- Records to process -

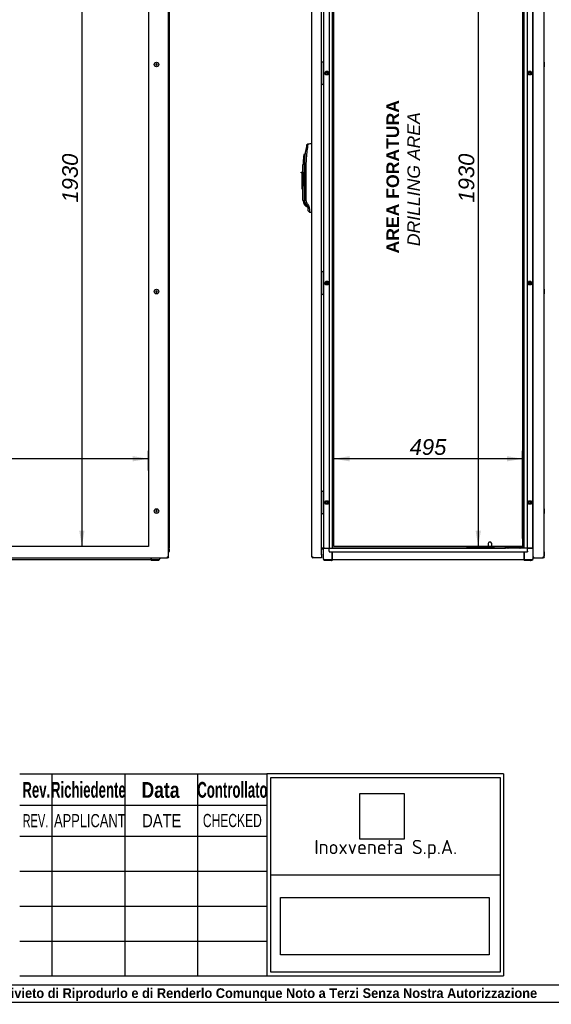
# Model space of a CAD drawing. Extents: x -10 to 412, y 11 to 308.
# Tile 2 of 10: x 115 to 208, y 11 to 183. Entities that reach past the tile are written whole.
import ezdxf
from ezdxf.lldxf.tags import DXFTag

# ---------------------------------------------------------------- set-up
doc = ezdxf.new("R2010")
doc.units = 0
doc.layers.get('0').update_dxf_attribs({"linetype": 'CONTINUOUS'})
for name, color, linetype in [('_TRANSLATION', 7, 'CONTINUOUS'), ('AE00198_03', 7, 'CONTINUOUS'), ('AE00219_00', 7, 'CONTINUOUS'), ('AE00219_03', 7, 'CONTINUOUS'), ('AE00368_00', 7, 'CONTINUOUS'), ('AE00500_10', 7, 'CONTINUOUS'), ('AE00992_10', 7, 'CONTINUOUS'), ('AE00992_15', 7, 'CONTINUOUS'), ('DEFAULT', 7, 'CONTINUOUS'), ('DV2__TRANSLATION', 7, 'CONTINUOUS'), ('DV6__TRANSLATION', 7, 'CONTINUOUS'), ('F0000000_08', 7, 'CONTINUOUS'), ('F0000001_35', 7, 'CONTINUOUS'), ('F0000001_41', 7, 'CONTINUOUS'), ('M0000000_06', 7, 'CONTINUOUS'), ('M0000000_14', 7, 'CONTINUOUS'), ('M0000000_39', 7, 'CONTINUOUS'), ('M0000000_40', 7, 'CONTINUOUS'), ('M0000000_52', 7, 'CONTINUOUS'), ('M0000000_56', 7, 'CONTINUOUS')]:
    doc.layers.add(name, color=color, linetype=linetype)
doc.styles.add('SEACAD_ARIAL', font='arial.ttf')
doc.styles.add('SEACAD_ARIAL_NARROW', font='ARIALN.TTF', dxfattribs={"width": 0.8})
doc.styles.add('SEACAD_ARIALB', font='arialbd.ttf', dxfattribs={"width": 0.9})
doc.styles.add('SEACAD_ARIALI', font='ariali.ttf')
tags = doc.linetypes.add('CENTER2', pattern=[28.575, 19.05, -3.175, 3.175, -3.175]).pattern_tags.tags
tags[10:11] = [DXFTag(74, 4), DXFTag(75, 0), DXFTag(340, '0'), DXFTag(46, 0.0), DXFTag(50, 0.0), DXFTag(44, 0.0), DXFTag(45, 0.0)]
tags[8:9] = [DXFTag(74, 4), DXFTag(75, 0), DXFTag(340, '0'), DXFTag(46, 0.0), DXFTag(50, 0.0), DXFTag(44, 0.0), DXFTag(45, 0.0)]
tags[6:7] = [DXFTag(74, 4), DXFTag(75, 0), DXFTag(340, '0'), DXFTag(46, 0.0), DXFTag(50, 0.0), DXFTag(44, 0.0), DXFTag(45, 0.0)]
tags[4:5] = [DXFTag(74, 4), DXFTag(75, 0), DXFTag(340, '0'), DXFTag(46, 0.0), DXFTag(50, 0.0), DXFTag(44, 0.0), DXFTag(45, 0.0)]
doc.dimstyles.new('ISO', dxfattribs={"dimtxt": 2.75, "dimasz": 2.75, "dimexe": 1.375, "dimexo": 1.375, "dimgap": 0.6875, "dimtad": 1, "dimdec": 1, "dimlfac": 15, "dimtxsty": 'SEACAD_ARIAL', "dimblk1": '_SE_FILLED', "dimblk2": '_SE_FILLED', "dimsah": 1, "dimcen": 1.375, "dimazin": 3, "dimtfac": 0.7, "dimtdec": 3, "dimtmove": 0, "dimatfit": 3})
picture_1 = doc.add_image_def('image1.jpg', size_in_pixel=(55, 57))
picture_2 = doc.add_image_def('image2.bmp', size_in_pixel=(138, 38))

# ---------------------------------------------------------------- blocks, each defined once
blk = doc.blocks.new('SE1')
at = {"layer": 'AE00198_03', "color": 7, "linetype": 'CONTINUOUS'}
for p, q in [((168.19, 175.06), (168.16, 175.06)), ((168.16, 174.36), (168.19, 174.36)), ((168.19, 172.06), (168.16, 172.06)), ((168.16, 171.36), (168.19, 171.36)), ((168.19, 138.4), (168.16, 138.4)), ((168.16, 137.7), (168.19, 137.7)), ((168.19, 135.4), (168.16, 135.4)), ((168.16, 134.7), (168.19, 134.7)), ((168.19, 100.06), (168.16, 100.06)), ((168.16, 99.36), (168.19, 99.36)), ((168.19, 97.06), (168.16, 97.06)), ((168.16, 96.36), (168.19, 96.36))]:
    blk.add_line(p, q, dxfattribs=at)
at = {"layer": 'AE00219_00', "color": 7, "linetype": 'CONTINUOUS'}
for p, q in [((194.07, 90.25), (194.09, 90.23)), ((194.49, 90.23), (194.09, 90.23)), ((194.09, 90.23), (194.09, 90.21)), ((194.49, 90.23), (194.52, 90.25)), ((194.49, 90.21), (194.49, 90.23)), ((195.74, 90.25), (195.76, 90.23)), ((196.16, 90.23), (195.76, 90.23)), ((195.76, 90.23), (195.76, 90.21)), ((196.16, 90.23), (196.18, 90.25)), ((196.16, 90.21), (196.16, 90.23)), ((200.74, 90.25), (200.76, 90.23)), ((201.16, 90.23), (200.76, 90.23)), ((200.76, 90.23), (200.76, 90.21)), ((201.16, 90.23), (201.18, 90.25)), ((201.16, 90.21), (201.16, 90.23)), ((202.41, 90.25), (202.43, 90.23)), ((202.83, 90.23), (202.43, 90.23)), ((202.43, 90.23), (202.43, 90.21)), ((202.83, 90.23), (202.85, 90.25)), ((202.83, 90.21), (202.83, 90.23))]:
    blk.add_line(p, q, dxfattribs=at)
at = {"layer": 'AE00219_03', "color": 7, "linetype": 'CONTINUOUS'}
for p, q in [((207.11, 175.11), (207.09, 175.11)), ((207.09, 174.31), (207.11, 174.31)), ((207.11, 174.31), (207.11, 175.11)), ((207.11, 135.45), (207.09, 135.45)), ((207.09, 134.65), (207.11, 134.65)), ((207.11, 134.65), (207.11, 135.45)), ((207.11, 97.11), (207.09, 97.11)), ((207.09, 96.31), (207.11, 96.31)), ((207.11, 96.31), (207.11, 97.11)), ((207.11, 89.61), (207.09, 89.61)), ((207.11, 88.81), (207.11, 89.61)), ((207.09, 88.81), (207.11, 88.81))]:
    blk.add_line(p, q, dxfattribs=at)
at = {"layer": 'AE00368_00', "color": 7, "linetype": 'CONTINUOUS'}
for p, q in [((193.66, 90.25), (193.61, 90.25)), ((193.61, 90.25), (193.61, 90.21)), ((194.97, 90.21), (194.97, 90.25)), ((195.28, 90.25), (195.28, 90.21)), ((196.64, 90.21), (196.64, 90.25)), ((200.33, 90.25), (200.28, 90.25)), ((200.28, 90.25), (200.28, 90.21)), ((201.64, 90.21), (201.64, 90.25)), ((201.95, 90.25), (201.95, 90.21)), ((203.31, 90.21), (203.31, 90.25))]:
    blk.add_line(p, q, dxfattribs=at)
for centre, start, end in [((193.87, 90.2), 16.6015, 90), ((194.72, 90.2), 90, 163.3985), ((195.53, 90.2), 16.6015, 90), ((196.39, 90.2), 90, 163.3985), ((200.53, 90.2), 16.6015, 90), ((201.39, 90.2), 90, 163.3985), ((202.2, 90.2), 16.6015, 90), ((203.05, 90.2), 90, 163.3985)]:
    blk.add_arc(centre, 0.0467, start, end, dxfattribs=at)
at = {"layer": 'AE00500_10', "color": 7, "linetype": 'CONTINUOUS'}
for p, q in [((205.09, 175.03), (205.13, 175.03)), ((205.13, 174.4), (205.09, 174.4)), ((168.7, 173.22), (168.88, 173.53)), ((168.88, 172.9), (168.7, 173.21)), ((168.77, 173.21), (168.92, 173.46)), ((168.92, 172.96), (168.77, 173.21)), ((168.88, 173.53), (169.24, 173.53)), ((169.24, 172.9), (168.88, 172.9)), ((168.92, 173.46), (169.2, 173.46)), ((169.2, 172.96), (168.92, 172.96)), ((169.2, 173.46), (169.35, 173.21)), ((169.35, 173.21), (169.2, 172.96)), ((169.24, 173.53), (169.42, 173.22)), ((169.42, 173.21), (169.24, 172.9)), ((204.17, 173.22), (204.35, 173.53)), ((204.35, 172.9), (204.17, 173.21)), ((204.24, 173.21), (204.38, 173.46)), ((204.38, 172.96), (204.24, 173.21)), ((204.35, 173.53), (204.71, 173.53)), ((204.71, 172.9), (204.35, 172.9)), ((204.38, 173.46), (204.67, 173.46)), ((204.67, 172.96), (204.38, 172.96)), ((204.67, 173.46), (204.82, 173.21)), ((204.82, 173.21), (204.67, 172.96)), ((204.71, 173.53), (204.89, 173.22)), ((204.89, 173.21), (204.71, 172.9)), ((205.09, 172.03), (205.13, 172.03)), ((205.13, 171.4), (205.09, 171.4)), ((205.09, 138.36), (205.13, 138.36)), ((205.13, 137.73), (205.09, 137.73)), ((168.7, 136.55), (168.88, 136.86)), ((168.88, 136.24), (168.7, 136.55)), ((168.77, 136.55), (168.92, 136.8)), ((168.92, 136.3), (168.77, 136.55)), ((168.88, 136.86), (169.24, 136.86)), ((169.24, 136.23), (168.88, 136.23)), ((168.92, 136.8), (169.2, 136.8)), ((169.2, 136.3), (168.92, 136.3)), ((169.2, 136.8), (169.35, 136.55)), ((169.35, 136.55), (169.2, 136.3)), ((169.24, 136.86), (169.42, 136.55)), ((169.42, 136.55), (169.24, 136.24)), ((204.17, 136.55), (204.35, 136.86)), ((204.35, 136.24), (204.17, 136.55)), ((204.24, 136.55), (204.38, 136.8)), ((204.38, 136.3), (204.24, 136.55)), ((204.35, 136.86), (204.71, 136.86)), ((204.71, 136.23), (204.35, 136.23)), ((204.38, 136.8), (204.67, 136.8)), ((204.67, 136.3), (204.38, 136.3)), ((204.67, 136.8), (204.82, 136.55)), ((204.82, 136.55), (204.67, 136.3)), ((204.71, 136.86), (204.89, 136.55)), ((204.89, 136.55), (204.71, 136.24)), ((205.09, 135.36), (205.13, 135.36)), ((205.13, 134.73), (205.09, 134.73)), ((205.09, 100.03), (205.13, 100.03)), ((168.7, 98.22), (168.88, 98.53)), ((168.88, 97.9), (168.7, 98.21)), ((168.77, 98.21), (168.92, 98.46)), ((168.92, 97.96), (168.77, 98.21)), ((168.88, 98.53), (169.24, 98.53)), ((168.92, 98.46), (169.2, 98.46)), ((169.2, 98.46), (169.35, 98.21)), ((169.35, 98.21), (169.2, 97.96)), ((169.24, 98.53), (169.42, 98.22)), ((169.42, 98.21), (169.24, 97.9)), ((204.17, 98.22), (204.35, 98.53)), ((204.35, 97.9), (204.17, 98.21)), ((204.24, 98.21), (204.38, 98.46)), ((204.38, 97.96), (204.24, 98.21)), ((204.35, 98.53), (204.71, 98.53)), ((204.38, 98.46), (204.67, 98.46)), ((204.67, 98.46), (204.82, 98.21)), ((204.82, 98.21), (204.67, 97.96)), ((204.71, 98.53), (204.89, 98.22)), ((204.89, 98.21), (204.71, 97.9)), ((205.13, 99.4), (205.09, 99.4)), ((169.24, 97.9), (168.88, 97.9)), ((169.2, 97.96), (168.92, 97.96)), ((204.71, 97.9), (204.35, 97.9)), ((204.67, 97.96), (204.38, 97.96)), ((205.09, 97.03), (205.13, 97.03)), ((205.13, 96.4), (205.09, 96.4))]:
    blk.add_line(p, q, dxfattribs=at)
for centre in [(169.06, 173.21), (204.53, 173.21), (169.06, 136.55), (204.53, 136.55), (169.06, 98.21), (204.53, 98.21)]:
    blk.add_circle(centre, 0.164, dxfattribs=at)
for centre, radius, start, end in [((168.7, 173.21), 0.00333, 150, 210), ((169.06, 173.21), 0.2, 75, 15), ((168.88, 173.52), 0.00333, 90, 150), ((168.88, 172.9), 0.00333, 210, 270), ((169.24, 173.52), 0.00333, 30, 90), ((169.24, 172.9), 0.00333, 270, 330), ((169.42, 173.21), 0.00333, 330, 30), ((204.17, 173.21), 0.00333, 150, 210), ((204.53, 173.21), 0.2, 75, 15), ((204.35, 173.52), 0.00333, 90, 150), ((204.35, 172.9), 0.00333, 210, 270), ((204.71, 173.52), 0.00333, 30, 90), ((204.71, 172.9), 0.00333, 270, 330), ((204.88, 173.21), 0.00333, 330, 30), ((168.7, 136.55), 0.00333, 150, 210), ((169.06, 136.55), 0.2, 75, 15), ((168.88, 136.86), 0.00333, 90, 150), ((168.88, 136.24), 0.00333, 210, 270), ((169.24, 136.86), 0.00333, 30, 90), ((169.24, 136.24), 0.00333, 270, 330), ((169.42, 136.55), 0.00333, 330, 30), ((204.17, 136.55), 0.00333, 150, 210), ((204.53, 136.55), 0.2, 75, 15), ((204.35, 136.86), 0.00333, 90, 150), ((204.35, 136.24), 0.00333, 210, 270), ((204.71, 136.86), 0.00333, 30, 90), ((204.71, 136.24), 0.00333, 270, 330), ((204.88, 136.55), 0.00333, 330, 30), ((168.7, 98.21), 0.00333, 150, 210), ((169.06, 98.21), 0.2, 75, 15), ((168.88, 98.52), 0.00333, 90, 150), ((169.24, 98.52), 0.00333, 30, 90), ((169.42, 98.21), 0.00333, 330, 30), ((204.17, 98.21), 0.00333, 150, 210), ((204.53, 98.21), 0.2, 75, 15), ((204.35, 98.52), 0.00333, 90, 150), ((204.71, 98.52), 0.00333, 30, 90), ((204.88, 98.21), 0.00333, 330, 30), ((168.88, 97.9), 0.00333, 210, 270), ((169.24, 97.9), 0.00333, 270, 330), ((204.35, 97.9), 0.00333, 210, 270), ((204.71, 97.9), 0.00333, 270, 330)]:
    blk.add_arc(centre, radius, start, end, dxfattribs=at)
at = {"layer": 'AE00992_10', "color": 7, "linetype": 'CONTINUOUS'}
for p, q in [((165.75, 160.82), (165.52, 160.63)), ((166.41, 160.85), (166.43, 160.85)), ((165.16, 158.28), (164.96, 158.3)), ((165.26, 159.14), (165.06, 158.97)), ((165.2, 157.18), (165.23, 158.28)), ((165.23, 158.37), (165.37, 159.69)), ((165.23, 158.28), (165.23, 158.37)), ((165.31, 159.14), (165.26, 159.14)), ((165.59, 159.65), (165.37, 159.69)), ((164.89, 155.92), (164.89, 157.18)), ((165.09, 157.18), (165.09, 151.02)), ((165.2, 151.03), (165.2, 157.18)), ((165.42, 157.18), (165.42, 151.03)), ((164.56, 155.78), (164.56, 155.92)), ((164.56, 155.92), (164.73, 155.92)), ((164.73, 155.78), (164.56, 155.78)), ((164.73, 155.92), (164.89, 155.92)), ((164.73, 155.92), (164.73, 155.78)), ((164.73, 153.52), (164.73, 155.78)), ((164.89, 155.92), (164.89, 153.52)), ((164.73, 152.92), (164.73, 153.52)), ((164.89, 153.52), (164.73, 153.52)), ((164.89, 153.52), (164.89, 153.47)), ((164.89, 151.02), (164.89, 153.47)), ((164.73, 152.92), (164.89, 152.92)), ((165.28, 150.08), (165.13, 150.26)), ((165.28, 150.08), (165.42, 149.95)), ((165.39, 150.32), (165.4, 150.32)), ((165.46, 150.23), (165.4, 150.32)), ((165.42, 149.95), (165.76, 149.8)), ((165.44, 150.2), (165.5, 150.17)), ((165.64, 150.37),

- Exercise objective -
Could you set down, exactly as written, every line from the start of the records above through the line containing "doc.units = 0", leaving the pictures out?

- The completed task -
# Model space of a CAD drawing. Extents: x -10 to 412, y 11 to 308.
# Tile 2 of 10: x 115 to 208, y 11 to 183. Entities that reach past the tile are written whole.
import ezdxf
from ezdxf.lldxf.tags import DXFTag

# ---------------------------------------------------------------- set-up
doc = ezdxf.new("R2010")
doc.units = 0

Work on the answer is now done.